Anyone have any advice on this subject? Thank you!!
 

·
Registered
Joined
·
756 Posts
Yes and no.

There are pros and cons to live plants. Live plants are a natural filter for your tank, they consume heavy metals, phosphates, nitrates, etc. They provide food for some fish to nibble on (platies, mollies, plecos), hiding and shelter for others. They provide another soucre of oxygen to the tank and in general they look better than artifical plants/decor.

But like you stated, they often come with uninvited guests like snails, which are not all that bad as they help clean a tank, but if not kept in check can overrun a tank. Plants differ in their requirement for light and nutrients, so extra care is required for a planted tank. Plants do not create more algae, but they consume certain compounds. If these compounds are defficient this can allow certain algae to grow. However in a plantless tank algae has free reign given the right parameters.

When stocking a tank with plants the number one rule is to put in a lot of plants. This prevents most algae from being able to compete for nutrients. Basically it comes down to how much work you can or want to put into a tank and doing your homework before purchasing a particular plant to match your tank.
 

·
Registered
Joined
·
133 Posts
Discussion Starter · #3 ·
So does a planted tank need a lot of natural light?
The tanks will be in a basement that has two windows.
Not much natural light.
Would that affect the plants?

If purchasing plants, would it be possible to .. "detoxify" them to get rid of any uninvited guests?
 

·
Registered
Joined
·
56 Posts
Actually, you can TOXIFY instead.

You can use either unscented household bleach or Potassium Permanganate.

When using BLEACH, you will want to soak the plant for five minutes in a solution of 1-2 cups bleach to a gallon of water. Then make a bucket of dechlorinated water and soak the plant in there for five minutes. Rinse well, and you're good to go.
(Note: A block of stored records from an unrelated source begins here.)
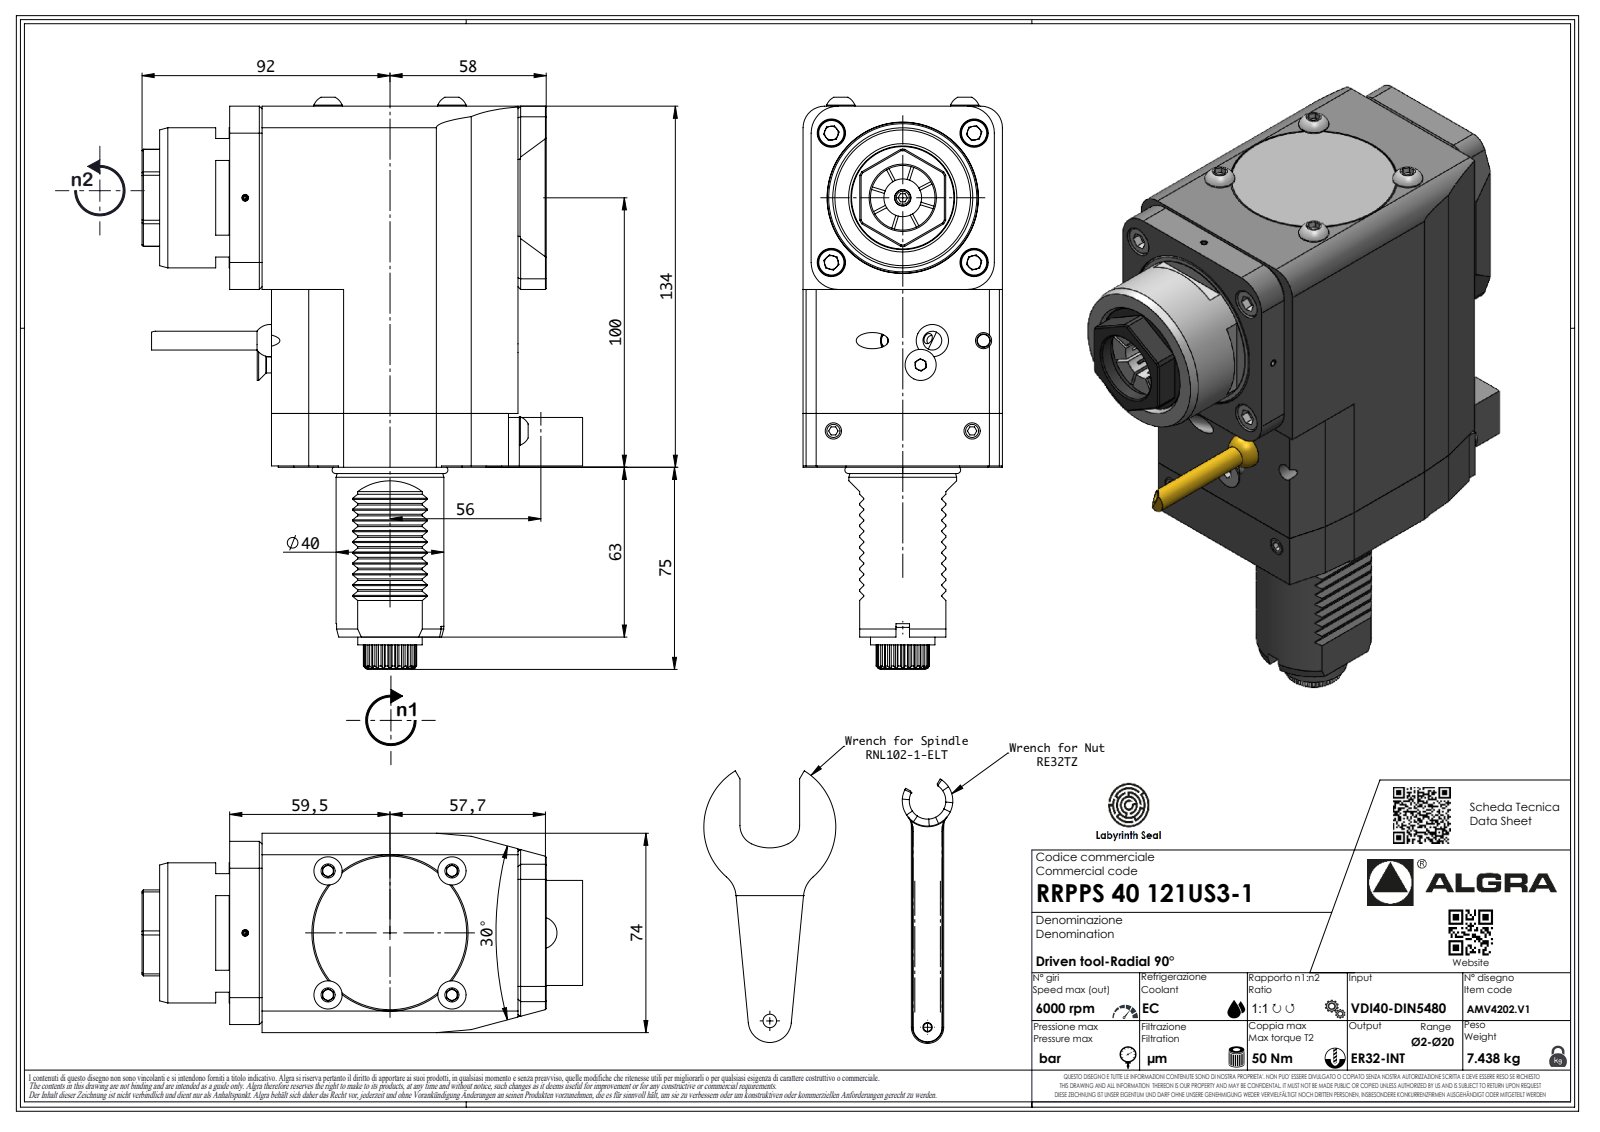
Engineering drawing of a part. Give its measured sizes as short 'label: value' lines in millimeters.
name: RRPPS40121US3-1
written by: SolidWorks 2023 (AUTOMOTIVE_DESIGN)
unit: mm
bodies: 6 solids, 725 faces (476 planar, 109 cylindrical, 140 other)
size: 209 × 163.55 × 74
volume: 1 202 000 mm³; area: 98 445 mm²
holes: 1× ⌀4, 1× ⌀4.2, 1× ⌀5
bosses: 2× ⌀40, 1× ⌀52, 1× ⌀38.7, 1× ⌀23.9, 1× ⌀12.73, 1× ⌀11.57, 1× ⌀7, 1× ⌀6
rounds: 20× R0.3, 7× R0.67, 7× R1.04, 7× R7.41, 4× R6, 4× R10, 2× R8, 1× R0.42
face distances: 10.5, 74, 91.5, 102, 134, 3.5, 0.5, 133.5, 103.5, 15.5

You can also use POTASSIUM PERMANGANATE. Mix a solution of 1/2 teaspoon Potassium Permanganate and a gallon of water, and soak for 15 minutes. Rinse well.

The potassium method is less effective, but less damaging on fragile plants. You don't want to use bleach on delicate ones...
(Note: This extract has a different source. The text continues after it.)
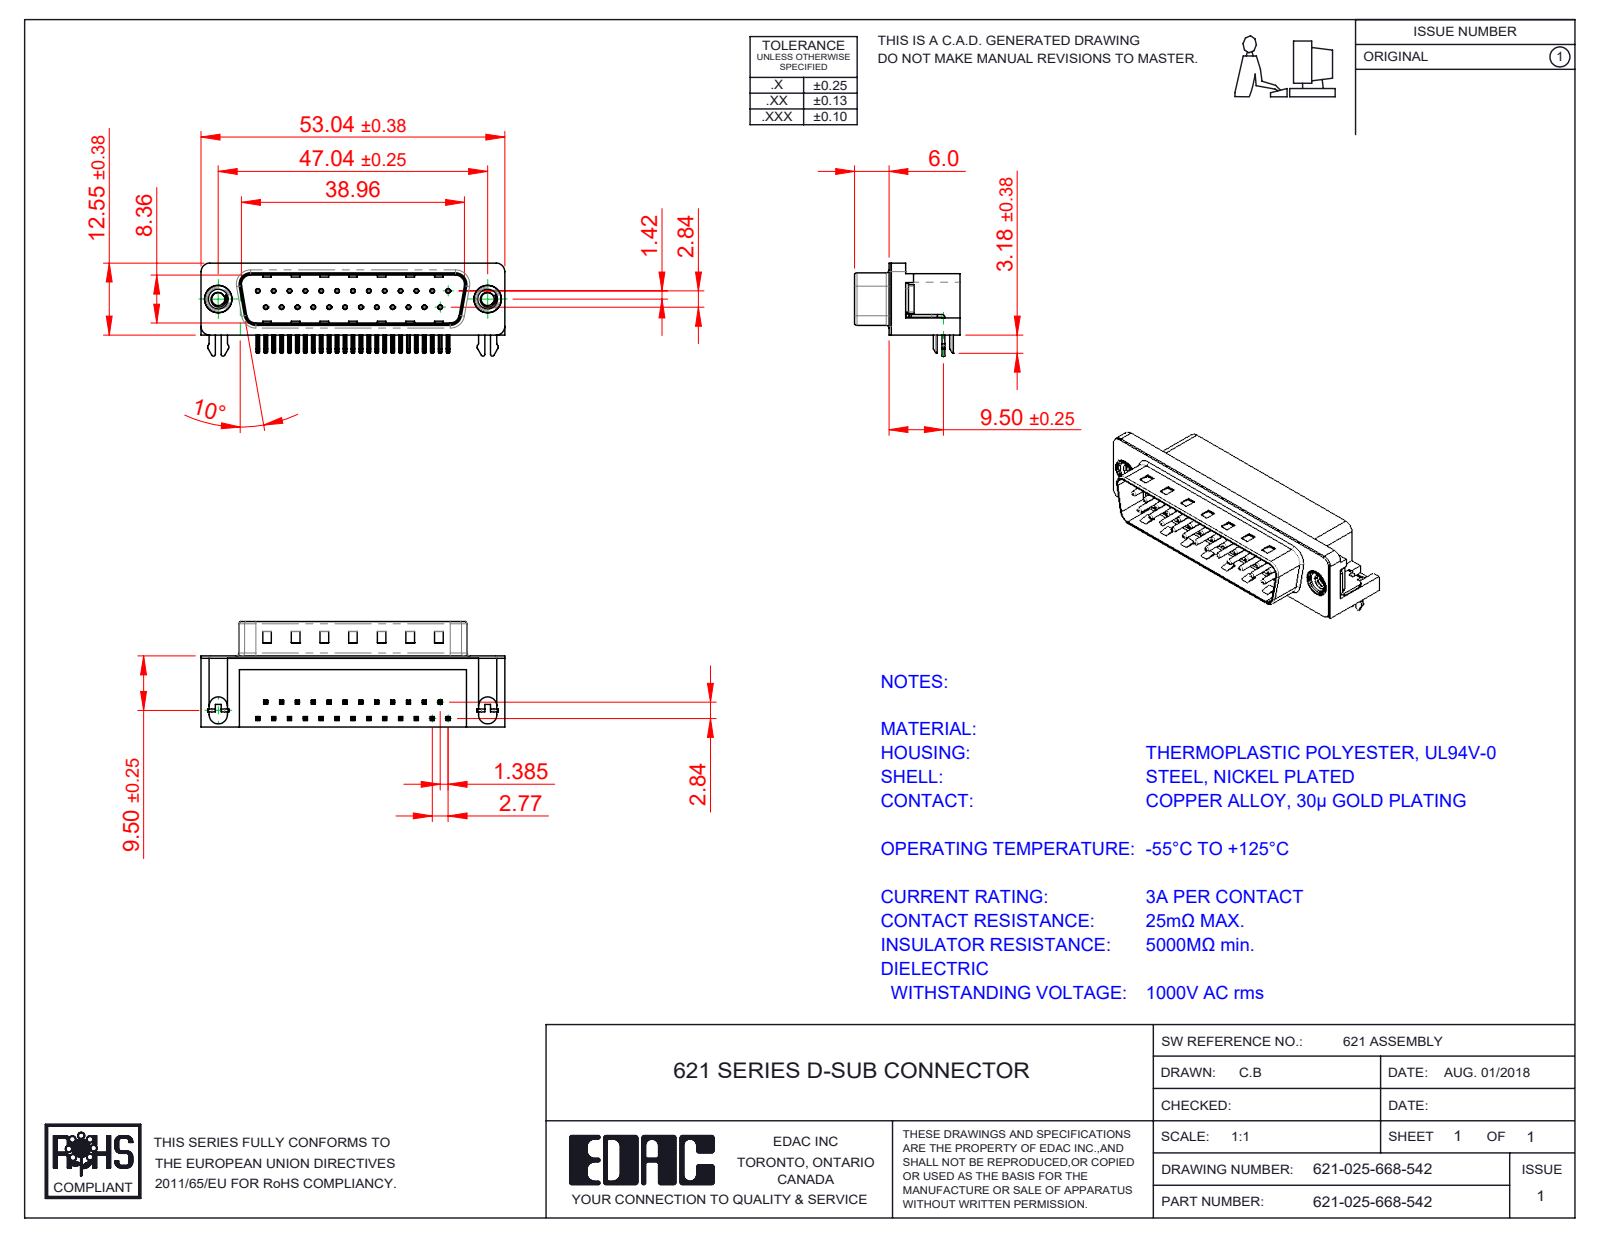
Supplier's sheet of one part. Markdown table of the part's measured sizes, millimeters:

Also, don't get the Potassium Permanganate on your clothes or skin. It is not pleasant...
 

·
Registered
Joined
·
133 Posts
Discussion Starter · #5 ·
thanks for your replies.

where can I get the potassium?

and also, how many plants should i have for the 30 gallon and 10 gallon?
 

·
Registered
Joined
·
48 Posts
Hi,

natural light promotes algae growth, so the less natural light the tank gets the better.

Snails are actually good for your tank, and if they overrun it there's too much food for them. A snail population explosion is a sure sign that you feed to much (which might have spoiled your water in the first place and caused the fish to die). They are best kept in check with a lot less flake food thrown in. Sorry to put it so bluntly, but that's just the way it is...
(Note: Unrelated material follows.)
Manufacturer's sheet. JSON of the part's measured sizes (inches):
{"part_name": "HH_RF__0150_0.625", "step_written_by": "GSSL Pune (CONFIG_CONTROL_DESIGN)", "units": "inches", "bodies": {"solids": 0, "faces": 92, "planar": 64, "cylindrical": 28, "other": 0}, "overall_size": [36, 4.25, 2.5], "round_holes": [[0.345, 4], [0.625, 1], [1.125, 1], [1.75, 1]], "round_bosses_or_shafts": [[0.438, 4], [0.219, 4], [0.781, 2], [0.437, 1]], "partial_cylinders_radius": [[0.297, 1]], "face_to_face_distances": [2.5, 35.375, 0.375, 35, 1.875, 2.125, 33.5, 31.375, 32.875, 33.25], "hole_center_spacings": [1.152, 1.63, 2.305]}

If you want to eradiacte any unwelcome guests from new plants you can also simply use carbonated water - the bubblier the better. Douse the plants for about 20 seconds - not longer, sensitive plants like baby tears suffer from being exposed to this too long. The low pH in combination with the high CO2 content kills any live "guests" on these plants. Possible eggs are not hurt though, but the other methods do not do anything to these either. If you want to make totally sure that there are no inhabitants in these plants you don't want to introduce into your tank keep the plants separately for two weeks after the carbonated-water cure and after that period, douse them again.

Cheers
Ulli
 

·
fishboydanny
Joined
·
584 Posts
how about CONTROLLING the population of snail with a couple yoyo loaches? in the ten you only need one..... I've heard that these guys are so good that you'll rarely see a single pest snail....
 

·
Registered
Joined
·
133 Posts
Discussion Starter · #9 ·
Thank you forall your input...
Ulli Bauer - I got my first "live plant" when I just got my 10 gallon aquarium. Before my tropical fish I had goldfish. They would eat whatever was put in the tank, so I may have been over feeding my tropical.

Fishboydanny1 - i don't have much room in my tanks. How big do yo-yo loaches get? do they aid in keeping the >tank< clean, like pleco's or catfish?